Sobald er den großen Schlossbogen durchschritt, kam ihm eine frische Brise entgegen und strich über sein Gesicht. Die frische Frühlingsluft lag sich kühlend auf seine Haut, als wollte sie ihn besänftigen, ihm gut zureden. Langsam ging er die Wiese hinab, hier und dort sah er Spuren der vorübergehend pausierten Schlacht. Harry sah eine große Blutlache inm Gras, noch ziemlich frisch. Er hoffte, dass derjenige, zu dem diese gehörte, gerettet werden konnte (so fern es kein Todesser war). Als er sich die Größe des roten Fleckes aber genauer ansah, bezweifelte er es stark.

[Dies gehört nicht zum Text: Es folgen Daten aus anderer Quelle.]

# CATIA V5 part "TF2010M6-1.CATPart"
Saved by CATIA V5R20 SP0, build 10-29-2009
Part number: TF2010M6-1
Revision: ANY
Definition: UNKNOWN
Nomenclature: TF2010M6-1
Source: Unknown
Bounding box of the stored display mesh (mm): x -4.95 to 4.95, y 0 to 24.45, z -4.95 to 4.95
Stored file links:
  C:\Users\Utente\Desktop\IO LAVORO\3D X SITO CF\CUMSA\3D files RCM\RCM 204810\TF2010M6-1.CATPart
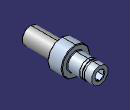
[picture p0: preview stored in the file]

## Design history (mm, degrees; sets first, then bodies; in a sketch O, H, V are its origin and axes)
Body1 "Chaflán2" (main body)
  Solid1: solid without history

Schließlich kam er an Hagrids Hütte vorbei. Sie war vollkommen abgebrannt und das Gemäuer war an manchen Stellen anscheinend weggesprengt worden. In dem Augenblick fielen ihm die vielen Besuche bei Hagrid ein. Die einen waren erfreulich, die anderen eher weniger. Aber Hagrid war immer für die da gewesen, genau so, wie sie es für ihn waren.
Harry fiel auf, dass er Hagrid schon eine ganze Weile nicht mehr gesehen hatte und er schickte ein Stoßgebet zum Himmel, dass ihm nichts passiert war. So in Gedanken verloren, wie er die Wiese hinabging bemerkte er gar nicht, wie nahe er dem Verbotenen Wald bereits war. Nach einem weiteren Schritt blieb er stehen. Wenn er jetzt auch nur noch einen Meter weiter ginge, gäbe es kein zurück mehr. Es war vermutlich nur ein kurzer Augenblick, aber Harry kam es wie eine Ewigkeit vor. Er nahm all seinen Mut zusammen und betrat den dunklen, modrig riechenden, Verbotenen Wald.